You fucking took my heart and smashed it into tiny pieces. And then you took those pieces, and you mixed them with acid and made me eat them. Then you cut them out of my stomach and put them through a meat grinder
All the while laughing as I stood there wholeheartedly believing every word you said.
Then you sit here, expecting me to be okay with it all. Not even caring that when you hugged me on Tuesday or texted me yesterday that my world would fall a little bit more.

The things I did for you. Things I would have done for you. Did they mean nothing?
I deliberately disobeyed my parents on multiple occasions for you. I lied to my family and endured their torment for the sake of our relationship that wasn't even official.
All the dreams wasted on you. All the songs stupidly dedicated to you.

I can't listen to my favorite albums now because I used to identify them with you.
I can't go to sleep at night because I'm afraid that as soon as I close my eyes, your face will be there and our memories will play out like a movie in which we knew the ending to and still watched anyways.
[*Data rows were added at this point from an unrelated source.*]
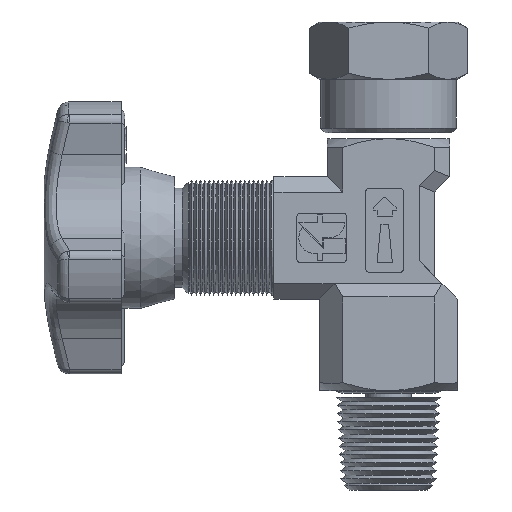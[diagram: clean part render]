
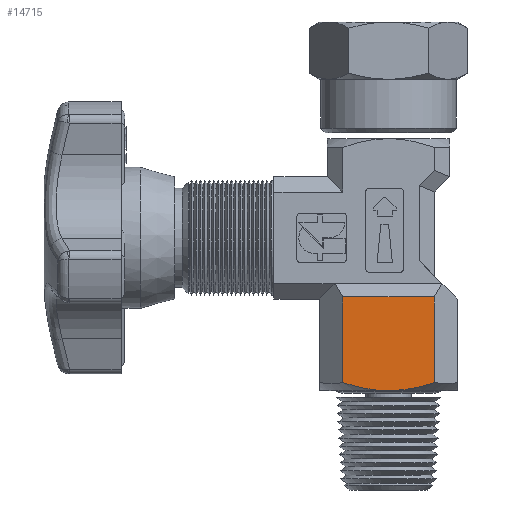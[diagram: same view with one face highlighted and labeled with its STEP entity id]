
A CAD part, left-side view. The second image highlights one B-rep face of the part: STEP entity #14715.
In plain terms, the highlighted planar face has unit normal (-1, 0, 0).
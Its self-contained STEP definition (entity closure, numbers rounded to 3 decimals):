
#89 = VECTOR ( 'NONE', #10836, 1000. ) ;
#301 = CARTESIAN_POINT ( 'NONE',  ( -9., 6., -53. ) ) ;
#340 = CARTESIAN_POINT ( 'NONE',  ( -9., -6., -38.951 ) ) ;
#471 = EDGE_CURVE ( 'NONE', #1850, #11115, #12588, .T. ) ;
#900 = CARTESIAN_POINT ( 'NONE',  ( -9., 1.028, -39.974 ) ) ;
#1814 = CARTESIAN_POINT ( 'NONE',  ( -9., -2.031, -39.898 ) ) ;
#1849 = FACE_OUTER_BOUND ( 'NONE', #7828, .T. ) ;
#1850 = VERTEX_POINT ( 'NONE', #12351 ) ;
#2021 = DIRECTION ( 'NONE',  ( -1., 0., 0. ) ) ;
#2896 = ORIENTED_EDGE ( 'NONE', *, *, #471, .T. ) ;
#2912 = LINE ( 'NONE', #301, #89 ) ;
#3519 = CARTESIAN_POINT ( 'NONE',  ( -9., 0.511, -40. ) ) ;
#3598 = DIRECTION ( 'NONE',  ( 0., -1., 0. ) ) ;
#4258 = CARTESIAN_POINT ( 'NONE',  ( -9., -6., -38.951 ) ) ;
#4267 = CARTESIAN_POINT ( 'NONE',  ( -9., 6., -27.732 ) ) ;
#4368 = CARTESIAN_POINT ( 'NONE',  ( -9., 6., -38.951 ) ) ;
#4437 = DIRECTION ( 'NONE',  ( 0., 0., 1. ) ) ;
#5521 = ORIENTED_EDGE ( 'NONE', *, *, #15281, .F. ) ;
#5582 = EDGE_CURVE ( 'NONE', #14668, #1850, #9993, .T. ) ;
#5622 = CARTESIAN_POINT ( 'NONE',  ( -9., 5.031, -39.261 ) ) ;
#5870 = LINE ( 'NONE', #16431, #10321 ) ;
#6874 = CARTESIAN_POINT ( 'NONE',  ( -9., -1.021, -40. ) ) ;
#6920 = EDGE_CURVE ( 'NONE', #11115, #13147, #11097, .T. ) ;
#7684 = CARTESIAN_POINT ( 'NONE',  ( -9., 0., -40. ) ) ;
#7828 = EDGE_LOOP ( 'NONE', ( #7868, #10734, #2896, #11012, #5521 ) ) ;
#7836 = VERTEX_POINT ( 'NONE', #4267 ) ;
#7868 = ORIENTED_EDGE ( 'NONE', *, *, #15504, .T. ) ;
#8258 = CARTESIAN_POINT ( 'NONE',  ( -9., 2.048, -39.875 ) ) ;
#8566 = CARTESIAN_POINT ( 'NONE',  ( -9., -6., -53. ) ) ;
#8669 = CARTESIAN_POINT ( 'NONE',  ( -9., 0., -40. ) ) ;
#9149 = DIRECTION ( 'NONE',  ( 0., 0., 1. ) ) ;
#9522 = CARTESIAN_POINT ( 'NONE',  ( -9., 2.553, -39.802 ) ) ;
#9982 = CARTESIAN_POINT ( 'NONE',  ( -9., 6., -38.951 ) ) ;
#9993 = B_SPLINE_CURVE_WITH_KNOTS ( 'NONE', 3,
 ( #4368, #5622, #15936, #9522, #8258, #900, #3519, #8669 ),
 .UNSPECIFIED., .F., .F.,
 ( 4, 2, 2, 4 ),
 ( 0.024, 0.027, 0.029, 0.03 ),
 .UNSPECIFIED. ) ;
#10321 = VECTOR ( 'NONE', #3598, 1000. ) ;
#10734 = ORIENTED_EDGE ( 'NONE', *, *, #5582, .T. ) ;
#10836 = DIRECTION ( 'NONE',  ( 0., 0., -1. ) ) ;
#11012 = ORIENTED_EDGE ( 'NONE', *, *, #6920, .T. ) ;
#11097 = LINE ( 'NONE', #8566, #11427 ) ;
#11115 = VERTEX_POINT ( 'NONE', #340 ) ;
#11427 = VECTOR ( 'NONE', #4437, 1000. ) ;
#11632 = CARTESIAN_POINT ( 'NONE',  ( -9., -6., -27.732 ) ) ;
#11647 = CARTESIAN_POINT ( 'NONE',  ( -9., -5.029, -39.262 ) ) ;
#12351 = CARTESIAN_POINT ( 'NONE',  ( -9., 0., -40. ) ) ;
#12588 = B_SPLINE_CURVE_WITH_KNOTS ( 'NONE', 3,
 ( #7684, #6874, #1814, #12839, #11647, #4258 ),
 .UNSPECIFIED., .F., .F.,
 ( 4, 2, 4 ),
 ( 0.03, 0.033, 0.036 ),
 .UNSPECIFIED. ) ;
#12839 = CARTESIAN_POINT ( 'NONE',  ( -9., -4.033, -39.528 ) ) ;
#13147 = VERTEX_POINT ( 'NONE', #11632 ) ;
#13594 = CARTESIAN_POINT ( 'NONE',  ( -9., 9., -53. ) ) ;
#14668 = VERTEX_POINT ( 'NONE', #9982 ) ;
#14715 = ADVANCED_FACE ( 'NONE', ( #1849 ), #15654, .T. ) ;
#15281 = EDGE_CURVE ( 'NONE', #7836, #13147, #5870, .T. ) ;
#15504 = EDGE_CURVE ( 'NONE', #7836, #14668, #2912, .T. ) ;
#15654 = PLANE ( 'NONE',  #15708 ) ;
#15708 = AXIS2_PLACEMENT_3D ( 'NONE', #13594, #2021, #9149 ) ;
#15936 = CARTESIAN_POINT ( 'NONE',  ( -9., 4.051, -39.524 ) ) ;
#16431 = CARTESIAN_POINT ( 'NONE',  ( -9., 9., -27.732 ) ) ;
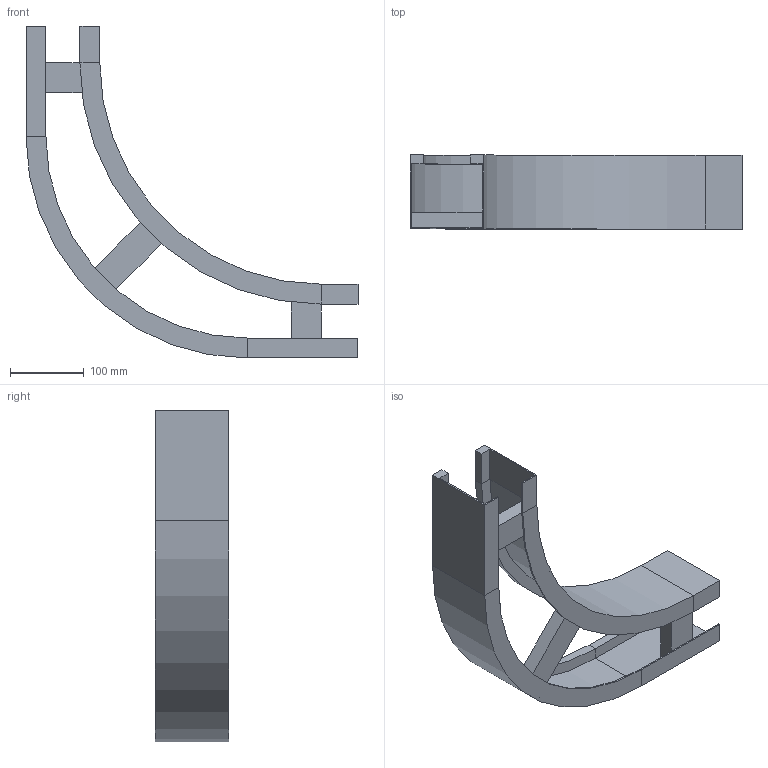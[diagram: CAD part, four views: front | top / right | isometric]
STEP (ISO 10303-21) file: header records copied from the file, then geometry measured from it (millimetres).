
FILE_DESCRIPTION (( 'STEP AP214' ), '1' );
FILE_NAME ('B2_10B3D100.step', '2025-02-21T15:23:19', ( '' ), ( '' ), 'SwSTEP 2.0', 'SolidWorks 2023', '' );
FILE_SCHEMA (( 'AUTOMOTIVE_DESIGN' ));
Length unit declared in the file: millimetre
Products named in the file (5): TRAVERSINO_L136; B2_10B3D100; B2_LONGH.INTERNO 90°_H100_R300; TRAVERSINO_100; B2_LONGH.ESTERNO 90°_H100_R300+100
Assembly tree (5 placements, depth 2):
  B2_10B3D100
    B2_LONGH.INTERNO 90°_H100_R300
    B2_LONGH.ESTERNO 90°_H100_R300+100
    TRAVERSINO_100  x2
    TRAVERSINO_L136
Bounding box: 450 x 100 x 450 mm (x, y, z)
Volume: 859055.2 mm3; surface area: 430264.6 mm2
Topology: 5 solids, 5 shells, 70 faces, 148 edges, 88 vertices
Faces by surface type: plane 62, cylinder 8
Entity records: 1822 total; most frequent: DIRECTION 296, CARTESIAN_POINT 288, ORIENTED_EDGE 272, EDGE_CURVE 136, VECTOR 120, LINE 120, AXIS2_PLACEMENT_3D 88, VERTEX_POINT 80
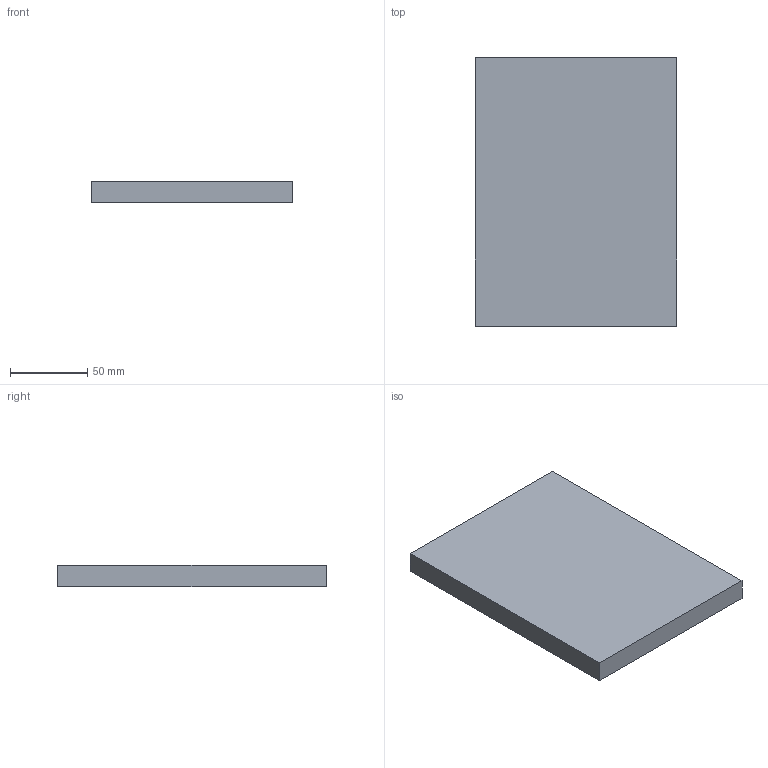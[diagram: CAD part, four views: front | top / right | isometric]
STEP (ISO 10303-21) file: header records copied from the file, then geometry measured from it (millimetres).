
FILE_DESCRIPTION(('Open CASCADE Model'),'2;1');
FILE_NAME('Open CASCADE Shape Model','2026-10-04T01:02:28',('Author'),( 'Open CASCADE'),'Open CASCADE STEP processor 8.0','Open CASCADE 8.0' ,'Unknown');
FILE_SCHEMA(('AUTOMOTIVE_DESIGN { 1 0 10303 214 1 1 1 1 }'));
Length unit declared in the file: millimetre
Products named in the file (1): Open CASCADE STEP translator 8.0 127
Bounding box: 130 x 173 x 14 mm (x, y, z)
Volume: 314860 mm3; surface area: 53464 mm2
Topology: 1 solids, 1 shells, 6 faces, 12 edges, 8 vertices
Faces by surface type: plane 6
Entity records: 322 total; most frequent: CARTESIAN_POINT 51, DIRECTION 50, LINE 36, VECTOR 36, ORIENTED_EDGE 24, PCURVE 24, DEFINITIONAL_REPRESENTATION 24, EDGE_CURVE 12
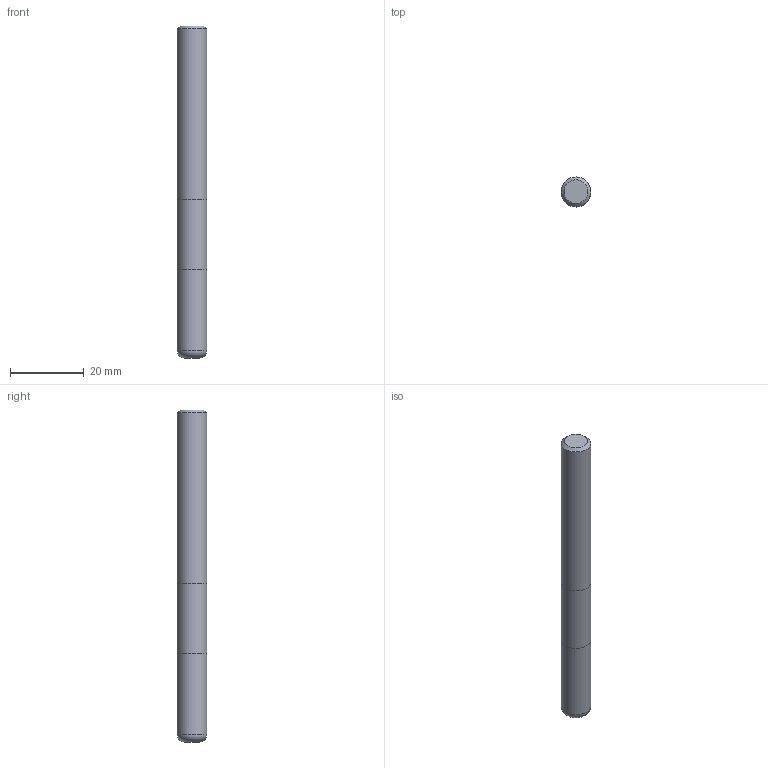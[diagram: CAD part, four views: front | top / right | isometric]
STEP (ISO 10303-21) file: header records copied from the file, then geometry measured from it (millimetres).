
FILE_DESCRIPTION((''),'2;1');
FILE_NAME('C:\Users\nsx150\AppData\Local\Temp\Mastercam 2021\03UJLO2QV3\TEMP.step','2023-09-20T09:30:03',(''),(''),'STEP Write','Mastercam 2021 ... CNC Software, Inc.','');
FILE_SCHEMA(('AUTOMOTIVE_DESIGN'));
Length unit declared in the file: millimetre
Products named in the file (1): None
Bounding box: 8 x 8 x 90 mm (x, y, z)
Volume: 4497.2 mm3; surface area: 2427 mm2
Topology: 2 solids, 2 shells, 9 faces, 12 edges, 7 vertices
Faces by surface type: plane 4, cylinder 3, torus 1, cone 1
Full cylindrical faces by diameter (mm): 8 x3
Entity records: 211 total; most frequent: DIRECTION 36, CARTESIAN_POINT 25, AXIS2_PLACEMENT_3D 18, ORIENTED_EDGE 14, EDGE_LOOP 14, STYLED_ITEM 12, ADVANCED_FACE 9, FACE_BOUND 9
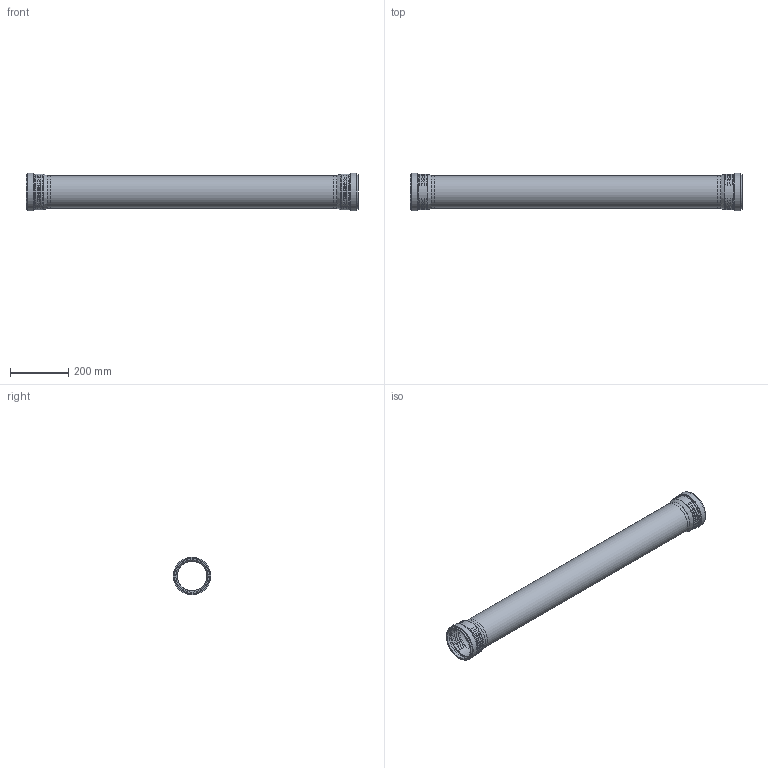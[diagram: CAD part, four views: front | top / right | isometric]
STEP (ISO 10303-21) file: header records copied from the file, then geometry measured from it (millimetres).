
FILE_DESCRIPTION(/* description */ (''),/* implementation_level */ '2;1');
FILE_NAME(/* name */ 'H:\Geberit-Teile\Export\PP_Rohr 2 Muffen_TEST\stp\393511.stp',/* time_stamp */ '2017-02-13T17:11:30+01:00',/* author */ ('seihe2'),/* organization */ (''),/* preprocessor_version */ 'ST-DEVELOPER v15.2',/* originating_system */ 'Autodesk Inventor 2014',/* authorisation */ '');
FILE_SCHEMA (('AUTOMOTIVE_DESIGN { 1 0 10303 214 3 1 1 }'));
Length unit declared in the file: millimetre
Products named in the file (1): 393511
Bounding box: 1136.2 x 128.7 x 128.7 mm (x, y, z)
Volume: 1765625.7 mm3; surface area: 807097.5 mm2
Topology: 3 solids, 3 shells, 70 faces, 152 edges, 106 vertices
Faces by surface type: torus 34, cylinder 18, plane 14, bspline 2, cone 2
Full cylindrical faces by diameter (mm): 101.2 x3, 110.2 x3, 111.1 x2, 113.7 x2, 119.5 x2, 121.3 x2, 122.1 x2, 128.7 x2
Entity records: 4068 total; most frequent: CARTESIAN_POINT 2649, ORIENTED_EDGE 236, DIRECTION 234, EDGE_LOOP 126, EDGE_CURVE 118, AXIS2_PLACEMENT_3D 117, VERTEX_POINT 104, STYLED_ITEM 73
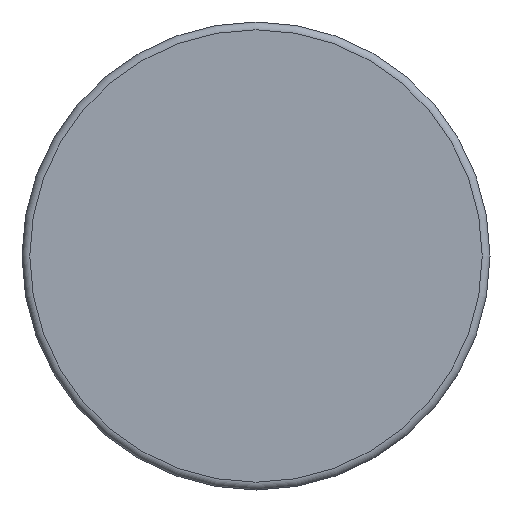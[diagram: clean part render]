
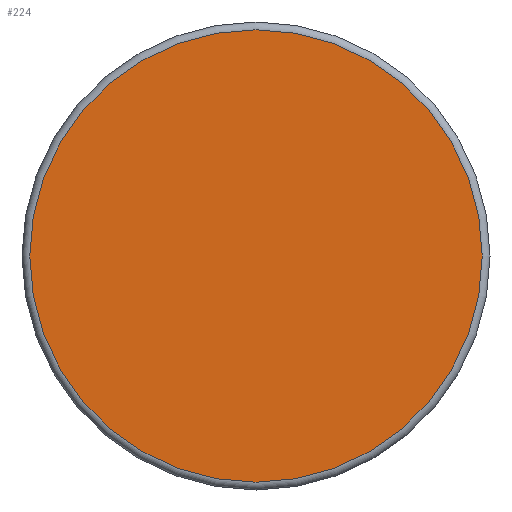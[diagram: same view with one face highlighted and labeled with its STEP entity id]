
A CAD part, front view. The second image highlights one B-rep face of the part: STEP entity #224.
In plain terms, the highlighted planar face has unit normal (0, -1, 0).
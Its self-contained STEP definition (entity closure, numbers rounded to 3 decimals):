
#224 = ADVANCED_FACE( '', ( #431 ), #432, .F. );
#431 = FACE_OUTER_BOUND( '', #627, .T. );
#432 = PLANE( '', #628 );
#627 = EDGE_LOOP( '', ( #994 ) );
#628 = AXIS2_PLACEMENT_3D( '', #995, #996, #997 );
#994 = ORIENTED_EDGE( '', *, *, #1111, .T. );
#995 = CARTESIAN_POINT( '', ( 29., 0., 0. ) );
#996 = DIRECTION( '', ( 0., 1., 0. ) );
#997 = DIRECTION( '', ( 0., 0., 1. ) );
#1111 = EDGE_CURVE( '', #1281, #1281, #1282, .T. );
#1281 = VERTEX_POINT( '', #1542 );
#1282 = CIRCLE( '', #1543, 29. );
#1542 = CARTESIAN_POINT( '', ( 0., 0., -29. ) );
#1543 = AXIS2_PLACEMENT_3D( '', #2029, #2030, #2031 );
#2029 = CARTESIAN_POINT( '', ( 0., 0., 0. ) );
#2030 = DIRECTION( '', ( 0., -1., 0. ) );
#2031 = DIRECTION( '', ( 0., 0., -1. ) );

I have to compulsively clean my room and watch The League just to distract myself from the evil thought that is your name. Because if I'm quiet for just a second, I'll feel your arms around me in the hallway. I'll see my hands intertwined with yours under the breakfast table. I'll relive the times that we kissed in the middle of math class, dangerously knowing that if the teacher saw we would be in so much trouble.

And all that meant nothing to you.
Because my torture is your amusement.

The morning after it ended, I was fine. I was happy. I accepted the fate that I accurately predicted.
And I guess you couldn't stand that. Because you came up to me at the water fountain and wrapped yourself around me when I was least expecting it. And for a second, you gave me horrible hope that I was stupid enough to believe in.
And all the joy and peace I'd felt just moments before crashed into a pit of absolute tragedy when you whispered that you were sorry.
But sorry doesn't mean anything.
If you knew you couldn't finish it, then why did you start it???